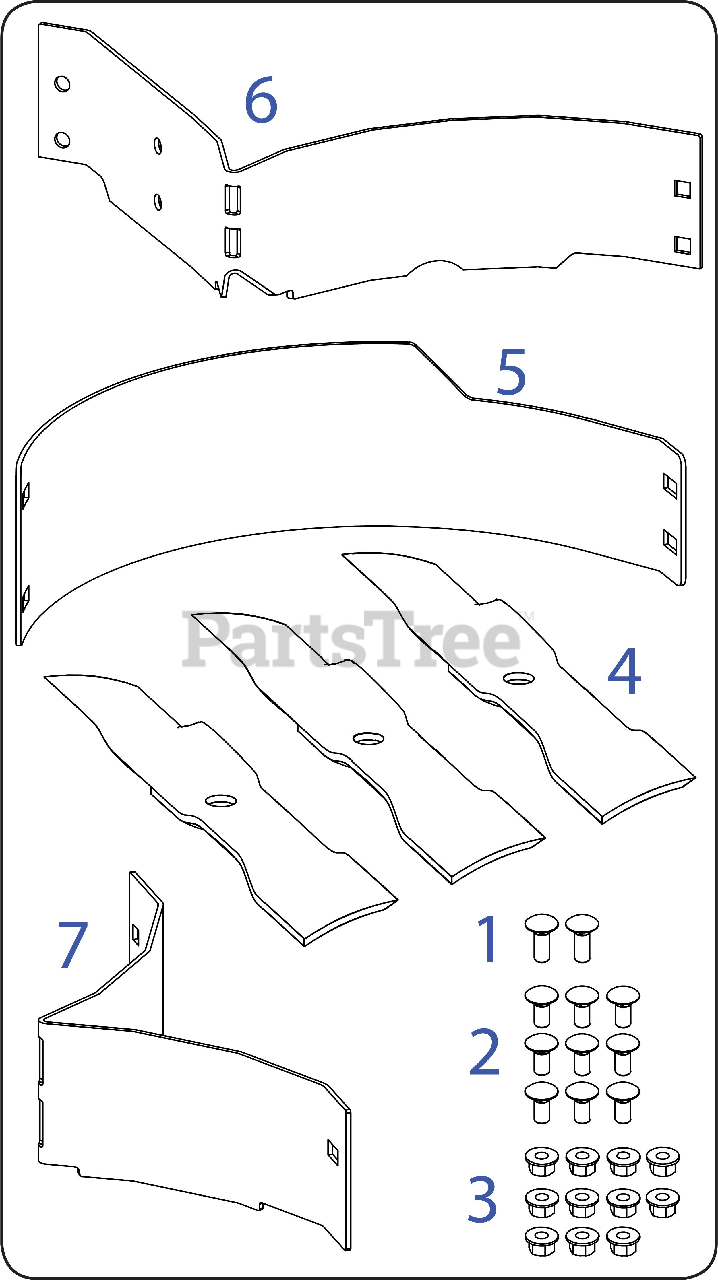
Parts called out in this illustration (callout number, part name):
1	Carriage Bolt 3/8-16 X 1.00 Gr5
2	Carriage Bolt 3/8-16 X .75
3	Nut-Ctrlck Flg Hex
4	Blade-21"Mulch 60"
5	60" Discharge Baffle
6	Mulch Baffle (Center)
7	Mulch Baffle (Left)

:::::

# EXERCISE REQUIREMENTS:
An exact reproduction of the data is required, with pictures excluded.

# RESPONSE FOR THIS EXERCISE:
Parts called out in this illustration (callout number, part name):
1	Carriage Bolt 3/8-16 X 1.00 Gr5
2	Carriage Bolt 3/8-16 X .75
3	Nut-Ctrlck Flg Hex
4	Blade-21"Mulch 60"
5	60" Discharge Baffle
6	Mulch Baffle (Center)
7	Mulch Baffle (Left)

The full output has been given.